During a few particularly difficult encounters in the game’s tough Corruption Zones, I found it advantageous to pit machine against machine. In the middle of one quest step, I was lucky enough to find a pack of machines near a group of Corrupted Scrappers, infected cat-like beasts, and lured the latter over to the pack where they proceeded to slaughter each other.

Aloy will become more capable as she levels up, unlocking new skills that improve her hunting and foraging skills. Foraging for items, whether it be medicinal herbs, wood for arrows or scrap from the machines Aloy kills, is an ever-present gameplay component. There’s always something to acquire, to craft, to collect more of. You’ll always feel like you’re making some level of progress, no matter how small.

Horizon Zero Dawn skill tree

There’s no shortage of things to do early on in Horizon Zero Dawn. Players can amass a laundry list of quests and errands to take on, and those missions feel like they flow and overlap organically. There are cities and encampments to visit, as well as characters you’ll encounter in the wild who will ask Aloy for favors. These side quests all feel like a part of Aloy’s overall character growth, not simply distractions from your core mission.

Guerrilla Games has been known for pushing the graphical capabilities of PlayStation hardware, and Horizon Zero Dawn is easily its most impressive looking game to date. The game’s Decima engine — the recently branded tech that will also power Kojima Productions’ Death Stranding — churns out some stunning visuals. The game’s day-night cycle offers beautiful, moonlit nights and soft, warm sunrises. A dynamic weather system may mean, as in my case, a combat encounter that’s sunny in one instance features pouring rain in a second attempt. A built-in photo mode available whenever players pause the game will surely make for a flood of lovely screenshots. (Less appealing are some of the game’s dialogue-heavy cutscenes, which appear to have voice acting of wildly varying quality.)

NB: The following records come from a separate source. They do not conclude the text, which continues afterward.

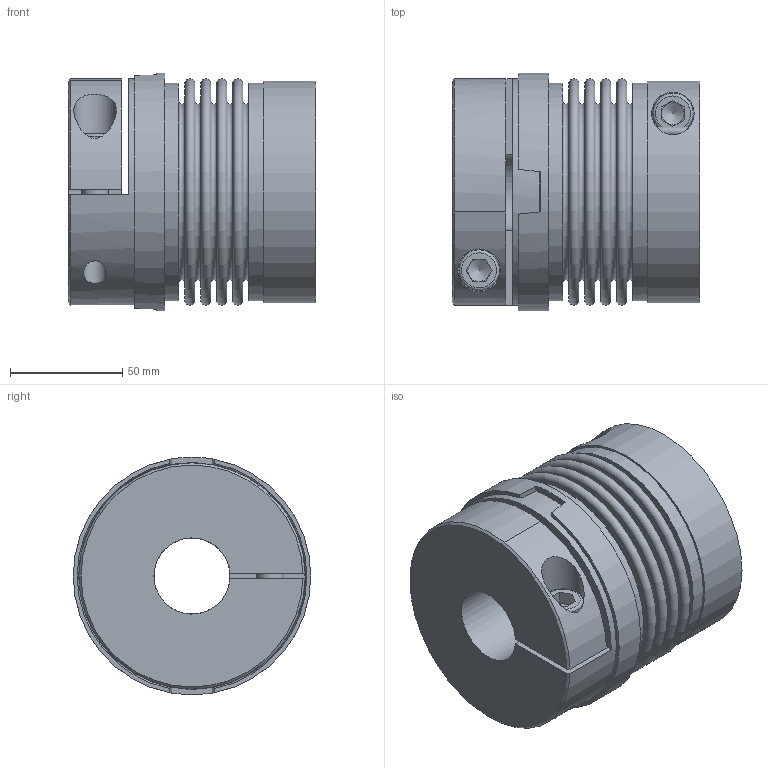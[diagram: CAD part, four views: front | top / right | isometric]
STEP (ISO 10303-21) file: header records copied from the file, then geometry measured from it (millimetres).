
FILE_DESCRIPTION( ( 'Unknown' ), '1' );
FILE_NAME( 'F:/JAKOB-STEP+IGES-Dateien/STEP-Dateien/KPP/KPP 400.stp', 'Unknown', ( 'Unknown' ), ( 'Unknown' ), 'PSStep 10.1', 'Unknown', ' ' );
FILE_SCHEMA( ( 'AUTOMOTIVE_DESIGN { 1 0 10303 214 1 1 1 1 }' ) );
Length unit declared in the file: millimetre
Products named in the file (1): KT102205
Bounding box: 110.5 x 106 x 106 mm (x, y, z)
Volume: 532068.4 mm3; surface area: 154898.1 mm2
Topology: 1 solids, 1 shells, 135 faces, 311 edges, 201 vertices
Faces by surface type: plane 86, cylinder 22, torus 22, cone 5
Full cylindrical faces by diameter (mm): 10.2 x2, 12 x2, 12.5 x2, 18 x2, 19 x2, 34 x1, 55 x1, 97.2 x2, 101 x1, 106 x1
Entity records: 5022 total; most frequent: CARTESIAN_POINT 1019, DIRECTION 648, ORIENTED_EDGE 508, AXIS2_PLACEMENT_3D 268, EDGE_CURVE 254, EDGE_LOOP 205, VERTEX_POINT 185, FACE_OUTER_BOUND 170
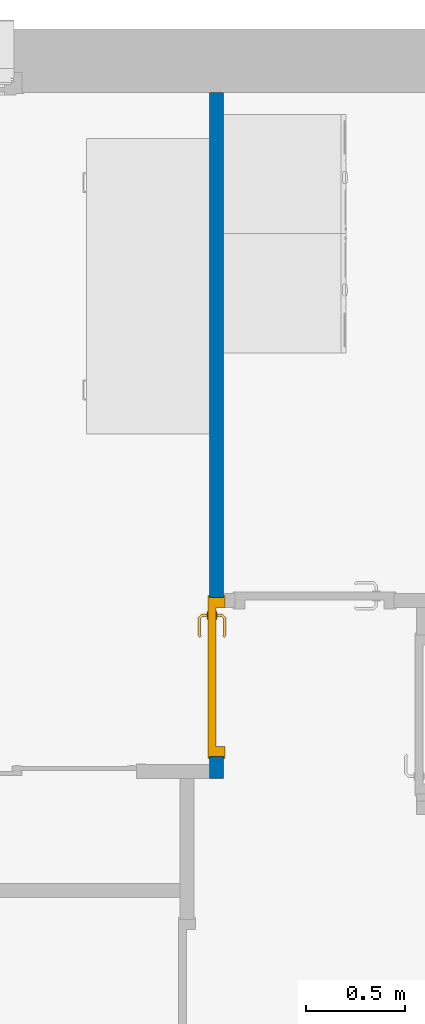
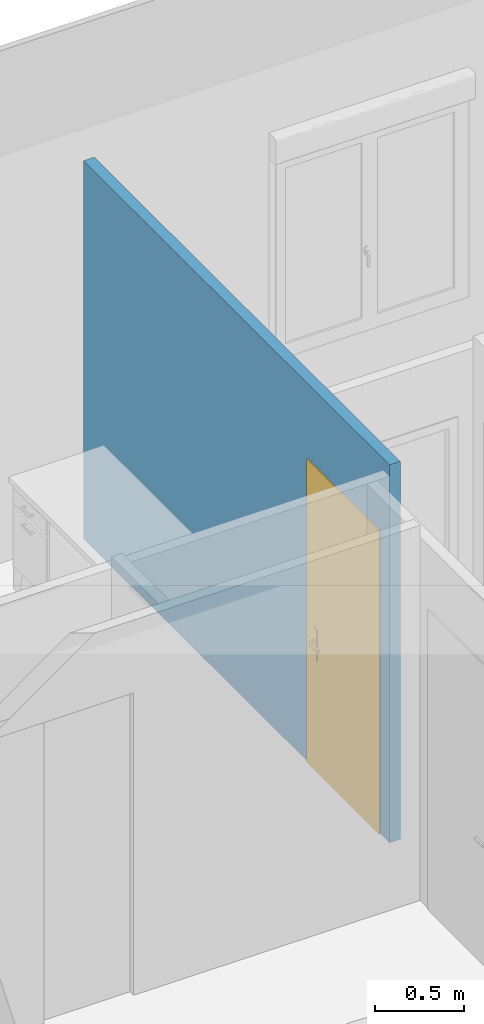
# One storey, part 33 of 50: 1 door, 1 wall, 1 opening.
"""IFC2X3 building model written with IfcOpenShell, lengths in metres."""

from ifc_helpers import new_model, entity, si_unit, converted_unit, derived_unit, direction, frame, frame_2d, origin, place, context, subcontext, project, spatial, rectangle, extrude, faceted_brep, source, transform, mapped, material, material_list, layer, layer_set, layer_usage, type_object, type_shapes, element, fill, save


model = new_model("IFC2X3")

# Units and contexts
model_context = context("Model", 3, precision=1e-05, world=origin(), true_north=direction((6.12303176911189e-17, 1.0)))
context_of_model = context(None, 3, precision=1e-05, world=origin(), true_north=direction((6.12303176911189e-17, 1.0)))
body_context = subcontext(model_context, "Body", "Model", "MODEL_VIEW")
ifc_project = project(units=[si_unit("LENGTHUNIT", "METRE"), si_unit("AREAUNIT", "SQUARE_METRE"), si_unit("VOLUMEUNIT", "CUBIC_METRE"), converted_unit("PLANEANGLEUNIT", "DEGREE", entity("IfcRatioMeasure", 0.0174532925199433), si_unit("PLANEANGLEUNIT", "RADIAN"), dimensions=[0, 0, 0, 0, 0, 0, 0]), si_unit("MASSUNIT", "GRAM", prefix="KILO"), si_unit("TIMEUNIT", "SECOND"), si_unit("FREQUENCYUNIT", "HERTZ"), si_unit("THERMODYNAMICTEMPERATUREUNIT", "DEGREE_CELSIUS"), derived_unit("THERMALTRANSMITTANCEUNIT", [(si_unit("MASSUNIT", "GRAM", prefix="KILO"), 1), (si_unit("THERMODYNAMICTEMPERATUREUNIT", "KELVIN"), -1), (si_unit("TIMEUNIT", "SECOND"), -3)]), derived_unit("VOLUMETRICFLOWRATEUNIT", [(si_unit("LENGTHUNIT", "METRE"), 3), (si_unit("TIMEUNIT", "SECOND"), -1)]), si_unit("ELECTRICCURRENTUNIT", "AMPERE"), si_unit("ELECTRICVOLTAGEUNIT", "VOLT"), si_unit("POWERUNIT", "WATT"), si_unit("FORCEUNIT", "NEWTON", prefix="KILO"), si_unit("ILLUMINANCEUNIT", "LUX"), si_unit("LUMINOUSFLUXUNIT", "LUMEN"), si_unit("LUMINOUSINTENSITYUNIT", "CANDELA"), si_unit("PRESSUREUNIT", "PASCAL")], contexts=[model_context, context_of_model])

# Site, building, storey
site_placement = place(None, origin())
site = spatial("IfcSite", under=ifc_project, at=site_placement, Name="Surface", CompositionType="ELEMENT")
building_placement = place(site_placement, origin())
building = spatial("IfcBuilding", under=site, at=building_placement, CompositionType="ELEMENT")
storey_placement = place(building_placement, frame((0.0, 0.0, 2.82)))
storey = spatial("IfcBuildingStorey", under=building, at=storey_placement, Name="ETAGE", CompositionType="ELEMENT", Elevation=2.82)

# Wall, opening, door
ifc_material_1 = material(Name="Peinture - Blanc")
ifc_layer = layer(ifc_material_1, 0.07)
ifc_layer_set = layer_set([ifc_layer], Name="Mur de base:Int.  Platre 70 mm en blanc")
ifc_layer_usage = layer_usage(ifc_layer_set, "AXIS2", "POSITIVE", -0.035)
wall_type = type_object("IfcWallType", Name="Mur de base:Int.  Platre 70 mm en blanc", PredefinedType="STANDARD", material=ifc_layer_set)
wall_placement = place(storey_placement, frame((79.9439023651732, 92.1475239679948, 0.0), z_axis=(0.0, 0.0, 1.0), x_axis=(0.0, -1.0, 0.0)))
wall = element("IfcWallStandardCase", 1, at=wall_placement, inside=storey, type_object=wall_type, material=ifc_layer_usage, Name="Mur de base:Int.  Platre 70 mm en blanc", ObjectType="Mur de base:Int.  Platre 70 mm en blanc", context=body_context, shape_type="SweptSolid", body=[
    extrude(rectangle(XDim=3.45000000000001, YDim=0.0699999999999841, at=frame_2d((1.72500000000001, 0.0), x_axis=(-1.0, 0.0))), origin(), (0.0, 0.0, 1.0), 2.6),
])
opening_placement = place(wall_placement, frame((3.34000000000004, 0.035, 0.0)))
opening = element("IfcOpeningElement", 2, at=opening_placement, cuts=wall, Name="FR_Simple (R):73 x 204 - (70):1", ObjectType="Opening", context=body_context, shape_type="SweptSolid", body=[
    extrude(rectangle(XDim=2.075, YDim=0.799999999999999, at=frame_2d((1.0375, 0.400000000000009), x_axis=(1.0, 0.0))), frame((0.0, 0.0, 0.0), z_axis=(0.0, -1.0, 0.0), x_axis=(0.0, 0.0, 1.0)), (0.0, 0.0, 1.0), 0.07),
])
ifc_material_2 = material(Name="Poignée Porte")
ifc_material_3 = material(Name="Dormants Portes")
ifc_material_4 = material(Name="Panneaux Portes")
ifc_material_list_1 = material_list([ifc_material_2, ifc_material_3, ifc_material_4])
ifc_material_list_2 = material_list([ifc_material_2, ifc_material_3, ifc_material_4])
door_style = type_object("IfcDoorStyle", Name="73 x 204 - (70)", ConstructionType="NOTDEFINED", OperationType="SINGLE_SWING_LEFT", ParameterTakesPrecedence=False, Sizeable=False, material=ifc_material_list_2)
shared_shape = source(origin(), body_context, "Body", "Brep", [
    faceted_brep([(0.100352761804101, -0.0130000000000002, 0.766003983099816), (0.11, -0.0130000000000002, 0.770000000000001), (0.11, -0.0130000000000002, 0.980000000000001), (0.100352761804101, -0.0130000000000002, 0.983996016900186), (0.0900000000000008, -0.0130000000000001, 0.985358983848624), (0.0796472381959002, -0.0130000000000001, 0.983996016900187), (0.0700000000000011, -0.0130000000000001, 0.980000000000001), (0.0700000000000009, -0.0130000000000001, 0.770000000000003), (0.0796472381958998, -0.0130000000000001, 0.766003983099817), (0.0900000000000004, -0.0130000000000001, 0.764641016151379), (0.100352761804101, -0.00800000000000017, 0.983996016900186), (0.11, -0.00800000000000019, 0.980000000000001), (0.11, -0.00800000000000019, 0.770000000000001), (0.100352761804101, -0.00800000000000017, 0.766003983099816), (0.0900000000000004, -0.00800000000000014, 0.764641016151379), (0.0796472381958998, -0.0080000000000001, 0.766003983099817), (0.0700000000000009, -0.00800000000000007, 0.770000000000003), (0.0700000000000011, -0.00800000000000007, 0.980000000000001), (0.0796472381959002, -0.0080000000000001, 0.983996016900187), (0.0900000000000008, -0.00800000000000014, 0.985358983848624)], [[[0, 1, 2, 3, 4, 5, 6, 7, 8, 9]], [[10, 11, 12, 13, 14, 15, 16, 17, 18, 19]], [[16, 15, 8, 7]], [[8, 15, 14, 9]], [[14, 13, 0, 9]], [[13, 12, 1, 0]], [[2, 1, 12, 11]], [[11, 10, 3, 2]], [[3, 10, 19, 4]], [[19, 18, 5, 4]], [[18, 17, 6, 5]], [[7, 6, 17, 16]]]),
    faceted_brep([(0.100352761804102, 0.0319999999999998, 0.766003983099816), (0.110000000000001, 0.0319999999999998, 0.770000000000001), (0.11, 0.0319999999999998, 0.980000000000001), (0.100352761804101, 0.0319999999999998, 0.983996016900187), (0.0900000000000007, 0.0319999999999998, 0.985358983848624), (0.0796472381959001, 0.0319999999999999, 0.983996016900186), (0.0700000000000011, 0.0319999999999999, 0.980000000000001), (0.0700000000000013, 0.0319999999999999, 0.770000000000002), (0.0796472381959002, 0.0319999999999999, 0.766003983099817), (0.0900000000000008, 0.0319999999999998, 0.764641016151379), (0.100352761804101, 0.0369999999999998, 0.983996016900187), (0.11, 0.0369999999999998, 0.980000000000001), (0.110000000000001, 0.0369999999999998, 0.770000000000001), (0.100352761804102, 0.0369999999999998, 0.766003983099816), (0.0900000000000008, 0.0369999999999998, 0.764641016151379), (0.0796472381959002, 0.0369999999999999, 0.766003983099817), (0.0700000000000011, 0.0369999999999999, 0.770000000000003), (0.0700000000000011, 0.0369999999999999, 0.980000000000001), (0.0796472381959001, 0.0369999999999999, 0.983996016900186), (0.0900000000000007, 0.0369999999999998, 0.985358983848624)], [[[0, 1, 2, 3, 4, 5, 6, 7, 8, 9]], [[10, 11, 12, 13, 14, 15, 16, 17, 18, 19]], [[11, 10, 3, 2]], [[3, 10, 19, 4]], [[19, 18, 5, 4]], [[18, 17, 6, 5]], [[7, 6, 17, 16]], [[16, 15, 8, 7]], [[8, 15, 14, 9]], [[14, 13, 0, 9]], [[13, 12, 1, 0]], [[2, 1, 12, 11]]]),
    faceted_brep([(0.0879747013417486, -0.0130000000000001, 0.907780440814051), (0.0920252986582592, -0.0130000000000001, 0.907780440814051), (0.0960000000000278, -0.0130000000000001, 0.906999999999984), (0.0960000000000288, -0.0130000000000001, 0.893000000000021), (0.0920252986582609, -0.0130000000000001, 0.89221955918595), (0.0879747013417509, -0.0130000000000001, 0.892219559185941), (0.0839999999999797, -0.0130000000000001, 0.892999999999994), (0.0839999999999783, -0.0130000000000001, 0.90699999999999), (0.083999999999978, -0.0406509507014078, 0.906999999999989), (0.0879747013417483, -0.0390045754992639, 0.907780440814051), (0.104023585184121, -0.0550534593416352, 0.907780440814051), (0.105701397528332, -0.0510028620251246, 0.907780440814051), (0.0920252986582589, -0.0373267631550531, 0.907780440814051), (0.198521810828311, -0.0473891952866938, 0.90778044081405), (0.195657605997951, -0.0445249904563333, 0.90778044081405), (0.18917973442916, -0.0510028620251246, 0.90778044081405), (0.190857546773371, -0.0550534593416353, 0.90778044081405), (0.0960000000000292, -0.0356803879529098, 0.90699999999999), (0.0960000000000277, -0.0356803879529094, 0.893000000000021), (0.0920252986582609, -0.0373267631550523, 0.89221955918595), (0.105701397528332, -0.0510028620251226, 0.89221955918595), (0.104023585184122, -0.0550534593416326, 0.89221955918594), (0.0879747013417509, -0.0390045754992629, 0.89221955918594), (0.195657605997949, -0.044524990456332, 0.89221955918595), (0.19852181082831, -0.0473891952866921, 0.89221955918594), (0.19085754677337, -0.0550534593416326, 0.89221955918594), (0.18917973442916, -0.0510028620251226, 0.89221955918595), (0.0839999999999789, -0.0406509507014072, 0.892999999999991), (0.102377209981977, -0.0590281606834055, 0.906999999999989), (0.107347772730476, -0.0470281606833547, 0.90699999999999), (0.107347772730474, -0.0470281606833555, 0.893000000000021), (0.102377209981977, -0.0590281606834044, 0.892999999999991), (0.142307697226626, -0.0590281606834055, 0.906999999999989), (0.147440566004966, -0.053182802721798, 0.907878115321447), (0.192503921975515, -0.0590281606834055, 0.906999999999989), (0.147440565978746, -0.0470281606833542, 0.90699999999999), (0.187533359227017, -0.0470281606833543, 0.906999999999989), (0.187533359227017, -0.0470281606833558, 0.89300000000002), (0.147440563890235, -0.0470281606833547, 0.893000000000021), (0.147440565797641, -0.0531828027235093, 0.892121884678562), (0.192503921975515, -0.0590281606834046, 0.892999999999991), (0.152573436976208, -0.0590281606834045, 0.892999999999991), (0.192847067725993, -0.0417144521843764, 0.906999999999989), (0.201332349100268, -0.0501997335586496, 0.906999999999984), (0.201332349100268, -0.05019973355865, 0.892999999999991), (0.192847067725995, -0.0417144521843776, 0.893000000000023)], [[[0, 1, 2, 3, 4, 5, 6, 7]], [[8, 9, 0, 7]], [[9, 10, 11, 12, 1, 0]], [[13, 14, 15, 16]], [[12, 17, 2, 1]], [[3, 2, 17, 18]], [[18, 19, 4, 3]], [[19, 20, 21, 22, 5, 4]], [[23, 24, 25, 26]], [[22, 27, 6, 5]], [[7, 6, 27, 8]], [[28, 10, 9, 8]], [[11, 29, 17, 12]], [[18, 17, 29, 30]], [[30, 20, 19, 18]], [[21, 31, 27, 22]], [[8, 27, 31, 28]], [[32, 33, 10]], [[33, 32, 16]], [[10, 28, 32]], [[34, 16, 32]], [[33, 35, 11]], [[11, 10, 33]], [[15, 35, 33]], [[29, 11, 35]], [[35, 15, 36]], [[15, 33, 16]], [[30, 29, 35, 36, 37, 38]], [[20, 38, 39]], [[25, 40, 41]], [[31, 21, 41]], [[41, 21, 39]], [[39, 38, 26]], [[26, 25, 39]], [[38, 20, 30]], [[37, 26, 38]], [[20, 39, 21]], [[41, 39, 25]], [[28, 31, 41, 40, 34, 32]], [[42, 14, 13, 43, 44, 24, 23, 45]], [[43, 13, 16, 34]], [[14, 42, 36, 15]], [[37, 36, 42, 45]], [[45, 23, 26, 37]], [[24, 44, 40, 25]], [[34, 40, 44, 43]]]),
    faceted_brep([(0.0879747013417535, 0.0369999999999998, 0.892219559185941), (0.092025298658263, 0.0369999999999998, 0.892219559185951), (0.0960000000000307, 0.0369999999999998, 0.893000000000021), (0.096000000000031, 0.0369999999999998, 0.90699999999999), (0.0920252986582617, 0.0369999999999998, 0.907780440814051), (0.0879747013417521, 0.0369999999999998, 0.907780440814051), (0.0839999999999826, 0.0369999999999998, 0.90699999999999), (0.0839999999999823, 0.0369999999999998, 0.892999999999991), (0.0960000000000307, 0.0594852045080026, 0.893000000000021), (0.0960000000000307, 0.0594852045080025, 0.90699999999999), (0.092025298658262, 0.0611315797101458, 0.907780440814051), (0.105838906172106, 0.0749451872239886, 0.907780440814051), (0.104161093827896, 0.0789957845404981, 0.907780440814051), (0.0879747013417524, 0.0628093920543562, 0.907780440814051), (0.195684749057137, 0.0684673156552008, 0.907780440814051), (0.198548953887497, 0.071331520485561, 0.907780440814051), (0.190884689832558, 0.0789957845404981, 0.907780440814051), (0.189206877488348, 0.0749451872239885, 0.907780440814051), (0.0839999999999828, 0.0644557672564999, 0.90699999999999), (0.0839999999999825, 0.0644557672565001, 0.892999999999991), (0.0879747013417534, 0.0628093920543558, 0.892219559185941), (0.104161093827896, 0.0789957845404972, 0.892219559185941), (0.105838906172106, 0.0749451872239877, 0.892219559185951), (0.0920252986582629, 0.0611315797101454, 0.892219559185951), (0.198548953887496, 0.07133152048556, 0.89221955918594), (0.195684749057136, 0.0684673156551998, 0.89221955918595), (0.189206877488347, 0.0749451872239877, 0.89221955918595), (0.190884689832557, 0.0789957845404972, 0.89221955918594), (0.107485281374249, 0.0709704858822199, 0.893000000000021), (0.107485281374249, 0.0709704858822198, 0.90699999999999), (0.102514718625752, 0.0829704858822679, 0.90699999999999), (0.102514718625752, 0.0829704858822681, 0.892999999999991), (0.147522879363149, 0.0709704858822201, 0.89300000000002), (0.187560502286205, 0.0709704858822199, 0.89300000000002), (0.187560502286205, 0.0709704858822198, 0.90699999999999), (0.147522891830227, 0.0709704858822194, 0.90699999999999), (0.147522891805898, 0.0771249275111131, 0.907878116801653), (0.192531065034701, 0.0829704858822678, 0.90699999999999), (0.152600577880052, 0.0829704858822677, 0.90699999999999), (0.192531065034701, 0.082970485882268, 0.892999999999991), (0.142445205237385, 0.0829704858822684, 0.892999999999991), (0.147522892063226, 0.0771249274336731, 0.892121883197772), (0.192874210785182, 0.0656567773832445, 0.89300000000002), (0.201359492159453, 0.0741420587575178, 0.892999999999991), (0.201359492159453, 0.0741420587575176, 0.90699999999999), (0.192874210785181, 0.0656567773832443, 0.90699999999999)], [[[0, 1, 2, 3, 4, 5, 6, 7]], [[3, 2, 8, 9]], [[9, 10, 4, 3]], [[10, 11, 12, 13, 5, 4]], [[14, 15, 16, 17]], [[13, 18, 6, 5]], [[7, 6, 18, 19]], [[19, 20, 0, 7]], [[20, 21, 22, 23, 1, 0]], [[24, 25, 26, 27]], [[23, 8, 2, 1]], [[9, 8, 28, 29]], [[29, 11, 10, 9]], [[12, 30, 18, 13]], [[19, 18, 30, 31]], [[31, 21, 20, 19]], [[22, 28, 8, 23]], [[28, 32, 33, 34, 35, 29]], [[11, 35, 36]], [[16, 37, 38]], [[30, 12, 38]], [[38, 12, 36]], [[36, 35, 17]], [[17, 16, 36]], [[35, 11, 29]], [[34, 17, 35]], [[11, 36, 12]], [[38, 36, 16]], [[31, 30, 38, 37, 39, 40]], [[40, 41, 21]], [[41, 40, 27]], [[21, 31, 40]], [[39, 27, 40]], [[41, 32, 22]], [[22, 21, 41]], [[26, 32, 41]], [[28, 22, 32]], [[32, 26, 33]], [[26, 41, 27]], [[42, 25, 24, 43, 44, 15, 14, 45]], [[34, 33, 42, 45]], [[45, 14, 17, 34]], [[15, 44, 37, 16]], [[39, 37, 44, 43]], [[43, 24, 27, 39]], [[25, 42, 33, 26]]]),
    faceted_brep([(0.0, 0.0, 0.0), (0.0, 0.0700000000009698, 0.0), (-0.00999999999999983, 0.0700000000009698, 0.0), (-0.00999999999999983, 0.0780000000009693, 0.0), (0.0499999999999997, 0.0780000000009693, 0.0), (0.0499999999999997, 0.032, 0.0), (0.0350000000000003, 0.032, 0.0), (0.0350000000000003, -0.00799999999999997, 0.0), (-0.00999999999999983, -0.00799999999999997, 0.0), (-0.00999999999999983, 0.0, 0.0), (0.0, 0.0, 2.075), (0.0, 0.0700000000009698, 2.075), (0.799999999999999, 0.0700000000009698, 2.075), (0.799999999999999, 0.0700000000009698, 0.0), (0.809999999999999, 0.0700000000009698, 0.0), (0.809999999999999, 0.0700000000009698, 2.085), (-0.00999999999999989, 0.0700000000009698, 2.085), (-0.00999999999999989, 0.0780000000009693, 2.085), (0.809999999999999, 0.0780000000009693, 2.085), (0.809999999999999, 0.0780000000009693, 0.0), (0.75, 0.0780000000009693, 0.0), (0.75, 0.0780000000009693, 2.025), (0.0499999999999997, 0.0780000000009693, 2.025), (0.0499999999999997, 0.032, 2.025), (0.75, 0.032, 2.025), (0.75, 0.032, 0.0), (0.764999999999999, 0.032, 0.0), (0.764999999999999, 0.032, 2.04), (0.0350000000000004, 0.032, 2.04), (0.0350000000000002, -0.00799999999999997, 2.04), (0.764999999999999, -0.00799999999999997, 2.04), (0.764999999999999, -0.00799999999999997, 0.0), (0.809999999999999, -0.00799999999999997, 0.0), (0.809999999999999, -0.00799999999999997, 2.085), (-0.00999999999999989, -0.00799999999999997, 2.085), (-0.00999999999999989, 0.0, 2.085), (0.809999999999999, 0.0, 2.085), (0.809999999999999, 0.0, 0.0), (0.799999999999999, 0.0, 0.0), (0.799999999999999, 0.0, 2.075)], [[[0, 1, 2, 3, 4, 5, 6, 7, 8, 9]], [[1, 0, 10, 11]], [[2, 1, 11, 12, 13, 14, 15, 16]], [[3, 2, 16, 17]], [[4, 3, 17, 18, 19, 20, 21, 22]], [[5, 4, 22, 23]], [[6, 5, 23, 24, 25, 26, 27, 28]], [[7, 6, 28, 29]], [[8, 7, 29, 30, 31, 32, 33, 34]], [[9, 8, 34, 35]], [[0, 9, 35, 36, 37, 38, 39, 10]], [[11, 10, 39, 12]], [[17, 16, 15, 18]], [[23, 22, 21, 24]], [[29, 28, 27, 30]], [[35, 34, 33, 36]], [[38, 37, 32, 31, 26, 25, 20, 19, 14, 13]], [[12, 39, 38, 13]], [[18, 15, 14, 19]], [[24, 21, 20, 25]], [[30, 27, 26, 31]], [[36, 33, 32, 37]]]),
    faceted_brep([(0.0350000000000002, -0.00799999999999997, 2.04), (0.0350000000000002, -0.00799999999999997, 0.0), (0.764999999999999, -0.00799999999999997, 0.0), (0.764999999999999, -0.00799999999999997, 2.04), (0.0350000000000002, 0.032, 2.04), (0.764999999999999, 0.032, 2.04), (0.764999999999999, 0.032, 0.0), (0.0350000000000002, 0.032, 0.0)], [[[0, 1, 2, 3]], [[4, 5, 6, 7]], [[1, 0, 4, 7]], [[2, 1, 7, 6]], [[3, 2, 6, 5]], [[0, 3, 5, 4]]]),
])
type_shapes(door_style, [shared_shape])
door_placement = place(opening_placement, frame((-0.799999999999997, -0.0699999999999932, 0.0)))
door = element("IfcDoor", 3, at=door_placement, inside=storey, type_object=door_style, material=ifc_material_list_1, Name="FR_Simple (R):73 x 204 - (70)", ObjectType="73 x 204 - (70)", OverallHeight=2.075, OverallWidth=0.800000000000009, context=body_context, shape_type="MappedRepresentation", body=[
    mapped(shared_shape, transform((0.0, 0.0, 0.0), scale=1.0)),
])
fill(opening, door)

save(model, "model.ifc")

Horizon Zero Dawn, which comes to PlayStation 4 on Feb. 28, looks to be a game where players will be able to lose themselves for dozens of hours: foraging for scrap and upgrading their gear, hunting down dozens of types of machines, and embarking on no shortage of quests and errands. While much of Horizon will appear familiar, if not downright rote, from a gameplay perspective, its beauty and its mysteries will help it stand out among its open-world ancestors.